Monday, November 13, 2017

The Rook Archives Volume 2

The Rook Archives: Volume 2
Dark Horse Books, July 2017

‘William Dubay’s The Rook Archives: Volume 2’ is the second compilation of ‘Rook’ comics issued by Dark Horse. As with Volume 1, this is a quality hardbound book with heavy stock pages and print quality that is about as good as it gets considering that the source materials likely are not in that great a shape (during its bankruptcy proceedings in the early 80s, much of the original artwork in the Warren magazines inventory ‘disappeared’, so it’s unclear if the scans used in this book are from the original artwork or not).

The issues of Eerie compiled in this volume run from 89 (January 1978) to 95 (September 1978); it’s issue 95 that serves as the cover illustration to this book.

Also included is a Rook guest-star appearance from issue 70 (July, 1978) of Vampirella.

As with Volume 1, Bill Dubay’s nephew, Ben Dubay, provides a Forward; this one deals with Bill Dubay’s efforts to break into the comic book business as a young man.

As far as the ‘Rook’ episodes in this volume go, the one titled ‘What is the Color of Nothingness ?’ is the standout. Bill Dubay’s script goes for a ‘cosmic’ atmosphere, as our hero takes his spaceship out to the edge of the universe and there discovers some mind-blowing things afoot. Presented in the rarely-used ‘landscape’ format, what really makes ‘Color’ special is the amazing artwork by the talented Filipino artist Alex Nino. Nino meticulously incorporates various Zip-A-Tone effects into the larger panels to give his artwork a striking three-dimensional appearance.

All this was done in the days before PCs and Photoshop, too – Nino had to cut out the Zip-A-Tone with an X-Acto knife and paste the cutouts onto the artwork pages. You won’t see that dedication to the craft in most contemporary comics, that’s for sure.

The remaining seven stories in Volume 2 are competent enough Rook tales, if nothing really attention-getting. The fact that one episode is titled ‘The Incredible Sagas of Sludge the Unconquerable, Helga the Damned, and Marmadrake the Magnificent’ is a sure tipoff that DuBay was aiming in these episodes for campy humor, most of it centered on Bishop Dane, the irascible great-grandfather of the Rook, Restin Dane. Dubay’s wordiness means that Luis Bermuda’s artwork often has to labor in cramped conditions, sharing precious panel space with lots of speech balloons.
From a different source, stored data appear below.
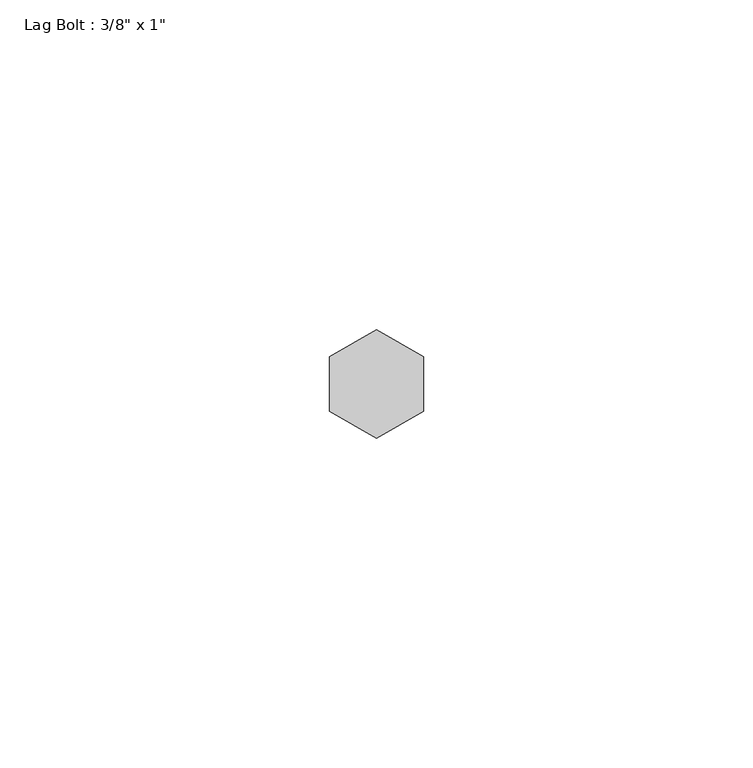
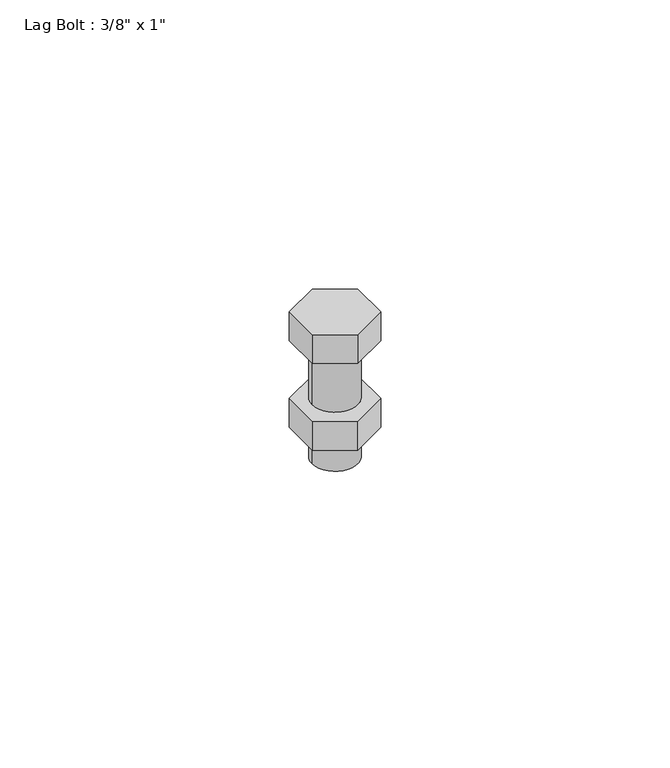
"""IFC4 building model written with IfcOpenShell, lengths in millimetres: proxy geometry."""

from ifc_helpers import new_model, si_unit, point, frame, origin, origin_with_axes, origin_2d, place, context, project, spatial, polyline, circle_curve, trimmed, segment, composite_curve, outline, extrude, source, transform, mapped, element, save


def proxy_a66d2f0e(model_context):
    return source(origin(), model_context, "Body", "SweptSolid", [
        extrude(outline(polyline([(-7.14375, -4.124446), (-7.14375, 4.124446), (0.0, 8.248892), (7.14375, 4.124446), (7.14375, -4.124446), (0.0, -8.248892), (-7.14375, -4.124446)])), frame((0.0, 0.0, -19.05), z_axis=(0.0, 0.0, 1.0), x_axis=(1.0, 0.0, 0.0)), (0.0, 0.0, 1.0), 6.35),
        extrude(outline(polyline([(-7.14375, 4.124446), (0.0, 8.248892), (7.14375, 4.124446), (7.14375, -4.124446), (0.0, -8.248892), (-7.14375, -4.124446), (-7.14375, 4.124446)])), origin_with_axes(), (0.0, 0.0, 1.0), 6.35),
        extrude(outline(composite_curve([segment(trimmed(circle_curve(origin_2d(), 4.7625), [point((-4.7625, 0.0))], [point((4.7625, 0.0))], False, "CARTESIAN"), True, "CONTINUOUS"), segment(trimmed(circle_curve(origin_2d(), 4.7625), [point((4.7625, 0.0))], [point((-4.7625, 0.0))], False, "CARTESIAN"), True, "CONTINUOUS")], self_intersect=False)), frame((0.0, 0.0, -25.4), z_axis=(0.0, 0.0, 1.0), x_axis=(1.0, 0.0, 0.0)), (0.0, 0.0, 1.0), 25.4),
    ])


if __name__ == "__main__":
    model = new_model("IFC4")
    model_context = context("Model", 3, world=origin())
    ifc_project = project(units=[si_unit("LENGTHUNIT", "METRE", prefix="MILLI")], contexts=[model_context])
    site = spatial("IfcSite", under=ifc_project)
    building = spatial("IfcBuilding", under=site)
    placement = place(None, origin())
    proxy_shape = proxy_a66d2f0e(model_context)
    element("IfcBuildingElementProxy", 1, Name="Lag Bolt : 3/8\" x 1\"", ObjectType="Lag Bolt : 3/8\" x 1\"", at=placement, inside=building, context=model_context, shape_type="MappedRepresentation", body=[
        mapped(proxy_shape, transform((0.0, 0.0, 0.0), x_axis=(1.0, 0.0, 0.0), y_axis=(0.0, 1.0, 0.0), z_axis=(0.0, 0.0, 1.0))),
    ])
    save(model, "model.ifc")

# Revit data of these elements
# Type "Lag Bolt : 3/8\" x 1\""
#   Thickness_of_Substrate [instance default] = 0' - 1"
#   Side = 0' - 0.3252"
#   Radius = 0' - 0 3/16"
#   Length = 0' - 1"
#   Head Size = 0' - 0 9/16"
#   Head Radius = 0' - 0 9/32"
#   Head Height = 0' - 0 1/4"
#   Diameter = 0' - 0 3/8"
#   Default Elevation = 4' - 0"
#   Nut_Visibility [instance default] = yes
#   Bolt Material (Size) [instance default] = STRUCTURAL BOLTS (PAINT TO MATCH STEEL FINISH)
# Element 1 (IfcBuildingElementProxy, "Lag Bolt : 3/8\" x 1\"")
#   Thickness_of_Substrate = 0' - 0 1/2"
#   Bolt Material (Size) = 3/8" X 1" GALV. BOLTS
#   Materials on its faces: "3/8\" X 1\" GALV. BOLTS", "STRUCTURAL BOLTS (PAINT TO MATCH STEEL FINISH)"
# Materials
#   "STRUCTURAL BOLTS (PAINT TO MATCH STEEL FINISH)": class "Generic", colour RGB 120 120 120, transparency 0, Cost = 0
#   "3/8\" X 1\" GALV. BOLTS": class "Generic", colour RGB 120 120 120, transparency 0, Cost = 0

Vampirella and Pantha appear in a two-part story to lend some cheesecake to the goings-on. But’s it’s the Vampirella issue 70 guest appearance by the Rook, titled ‘Ghostly Granny Gearloose’ with some outstanding artwork by Spanish artist Gonzalo Mayo, where Vampirella really shines, so to speak.

As with Volume 1, the readership for this compilation is aimed at Baby Boomers over 50 who remember these comics from their youth. If you are a fan of the Rook, and the Warren magazines, from those long-ago days, then you’ll want Volume 2. 

And………. if you’re a comics fan under the age of 25, who just maybe, possibly, hypothetically, is a bit fed up with round after round of ‘Spiderverse’ and ‘Secret Wars’ and ‘Dark Knights: Metal’ comic book ‘events’, perhaps taking a look at ‘The Rook Archives’ just might be a gateway to the time when comics were a little less designed to be multi-level marketing packages designed to separate fans from their money, and maybe a little more fun to read…………..?!